Hog Heaven by Kristen Hinman. Cute pix, really well researched and written.


----------



## marye (Sep 20, 2007)

I'm completely obsessed with making food from scratch and it sounds like I'm in like company! Cool!

I even make my dogs' food from scratch and I think they're much healthier as a result!

I like to occasionally write Foodnetwork and suggest that all the paula deen recipes that use cake mix really don't count... But, that's only when I'm in a cranky mood!


----------



## johncena (Dec 1, 2008)

Neeps, it's a funny thing. I always tell folks that I may not know much about allot of things but I know enough to get me into a world of trouble with just about everything


----------



## kyheirloomer (Feb 1, 2007)

I haven't gone through that process, shroom. 

I don't disagree with what you're saying.

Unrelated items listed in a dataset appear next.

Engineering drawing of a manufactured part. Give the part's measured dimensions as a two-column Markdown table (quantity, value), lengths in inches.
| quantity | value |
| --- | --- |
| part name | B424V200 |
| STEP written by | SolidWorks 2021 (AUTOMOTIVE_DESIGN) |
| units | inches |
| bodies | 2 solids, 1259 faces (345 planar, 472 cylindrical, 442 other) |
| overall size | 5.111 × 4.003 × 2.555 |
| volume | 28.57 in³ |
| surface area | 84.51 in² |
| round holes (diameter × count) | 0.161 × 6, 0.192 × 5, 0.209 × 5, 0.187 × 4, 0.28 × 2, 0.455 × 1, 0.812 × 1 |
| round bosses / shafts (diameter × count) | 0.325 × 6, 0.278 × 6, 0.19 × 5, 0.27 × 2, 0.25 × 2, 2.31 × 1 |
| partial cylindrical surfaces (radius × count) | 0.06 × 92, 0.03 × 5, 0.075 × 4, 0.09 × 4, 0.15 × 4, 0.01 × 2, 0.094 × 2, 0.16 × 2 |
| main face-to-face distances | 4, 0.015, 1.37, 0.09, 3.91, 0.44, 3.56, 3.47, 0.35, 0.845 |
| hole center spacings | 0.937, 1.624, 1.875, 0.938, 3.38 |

But my purpose wasn't to establish culinary differences, only to learn the skill of doing it. 

If I were running a restaurant or catering company I'd certainly make the effort. And then arrange with a local farmer to supply the breed I particularly favored. 

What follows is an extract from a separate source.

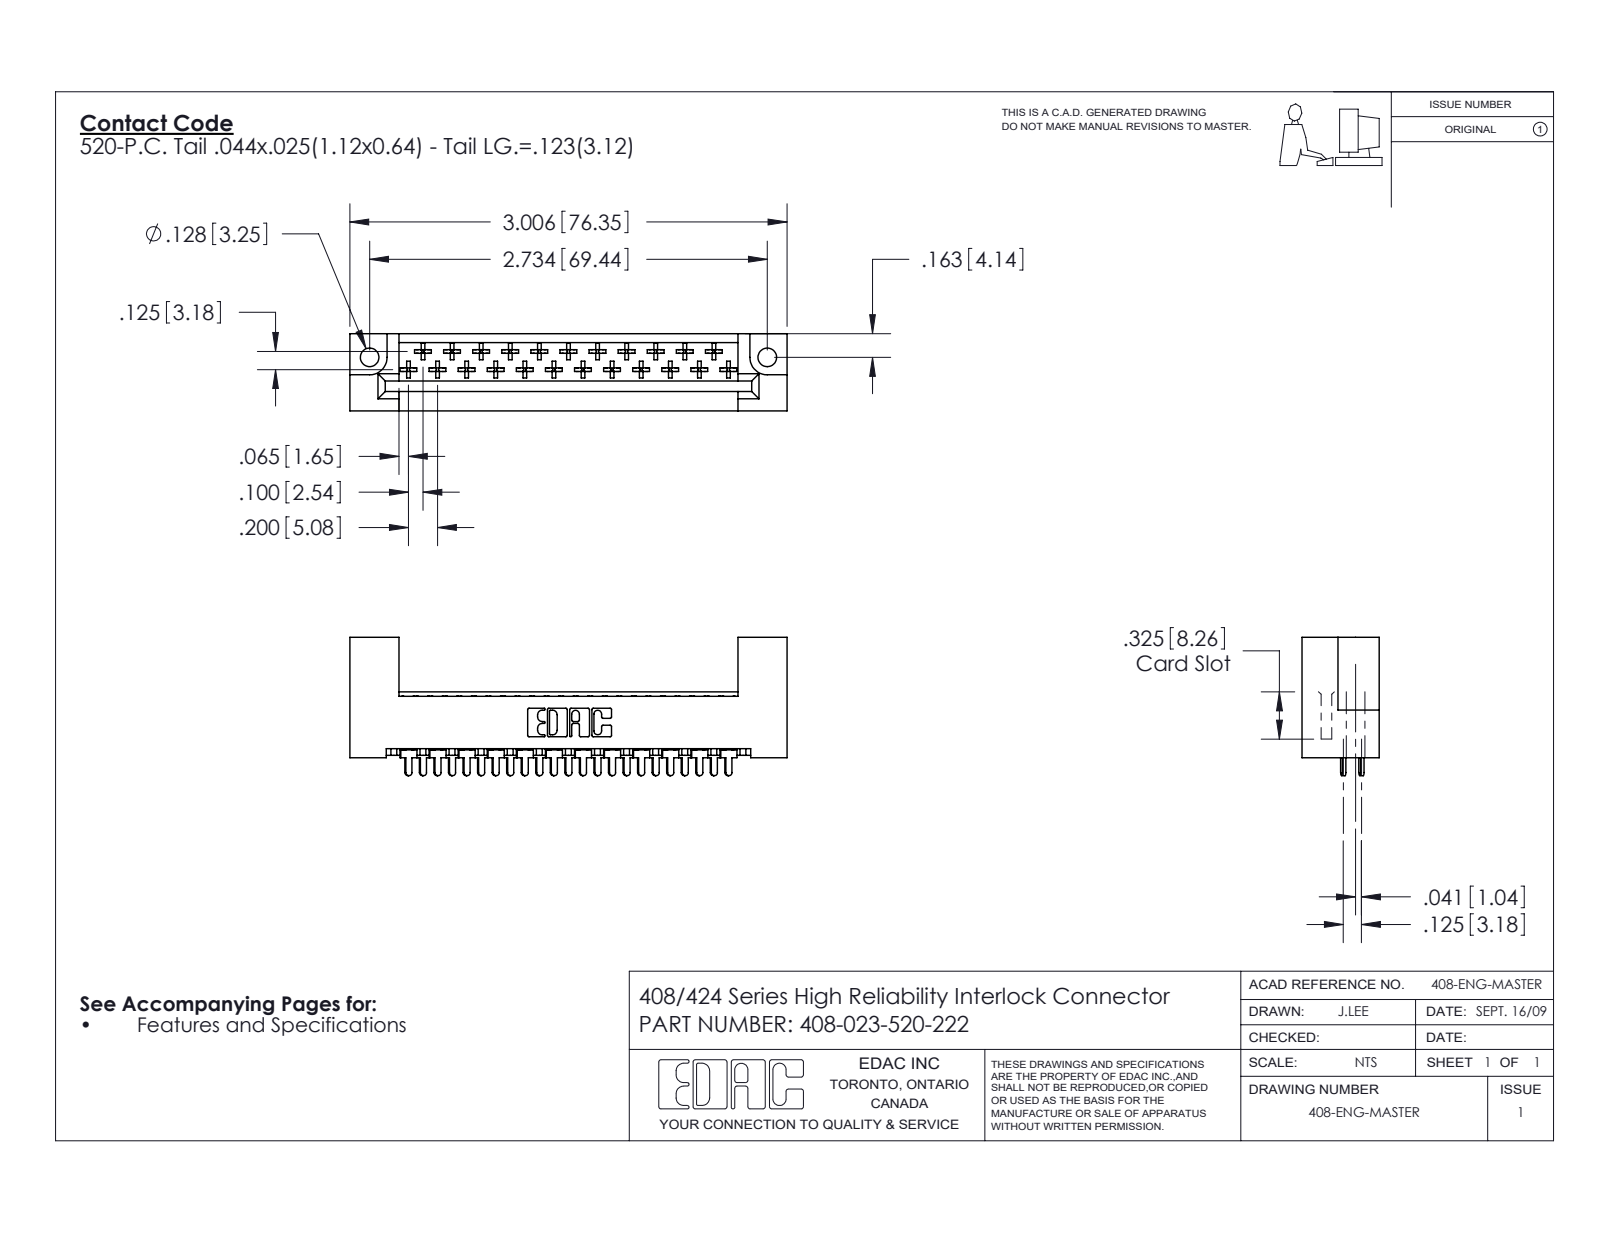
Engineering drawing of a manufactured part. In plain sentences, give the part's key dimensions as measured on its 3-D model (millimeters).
The part is named "408-290-001_408-290-120; 408 Part_023 - 2; 408-023-520-222". Its 3-D file was written by "SolidWorks 2016 (CONFIG_CONTROL_DESIGN)". It is 24 solids with 1404 faces: 1055 planar, 257 cylindrical and 92 other. Overall it measures 76.4 by 24.2 by 13.5 millimeters. Its volume is 9 930 cubic millimeters and its surface area 10 900 square millimeters. Round holes: 2 of diameter 3.3. Partial cylindrical surfaces (rounded edges, fillets, slot ends): 138 of radius 0.3, 25 of radius 0.5, 23 of radius 0.6, 22 of radius 0.3, 6 of radius 0.2, 6 of radius 0.8, 3 of radius 0.7, 2 of radius 3. The main face-to-face distances are 13.5, 3.2, 2.5, 0.6, 0.6, 9.2, 10.1, 6, 6.6, 8.3. The hole center spacings are 69.4.

In addition to breed, flavor profiles are affected by the hog's diet. One reason Smithfield hams were traditionally so good is that the pigs were fed peanuts. 

When I break-down a hog, the majority of it gets cured and smoked. That would include the hams, neck, bacon, and jowls. I wonder how much difference breed & diet would make to the final results?


----------



## shroomgirl (Aug 11, 2000)

bet you have plenty of heirloom piggies in your area......if you're ever coming this way there are some really great pigs, (great prices) 1/2 300# live weight is alittle over $100. I was inventorying the freezer and found 8 pig feet...hmmmmm........


----------



## maryb (Mar 21, 2008)

I usually take half a shoulder and make that into bacon too. Makes great sandwiches! :lips:


----------



## oahuamateurchef (Nov 23, 2006)

I still have so many things to learn how to make from scratch. I'd love to know how to make my own bacon. 

I recently got a handle on making consistently good homemade bread. I am surprised at how easy it is to make, with a little bit of preparation. Even on the laziest of days it's only as hard as pulling a premade loaf out of the freezer and tossing it in the oven later.


----------



## kyheirloomer (Feb 1, 2007)

Oahu,

Like so many "country" crafts, making your own bacon isn't difficult. But it is time consuming. 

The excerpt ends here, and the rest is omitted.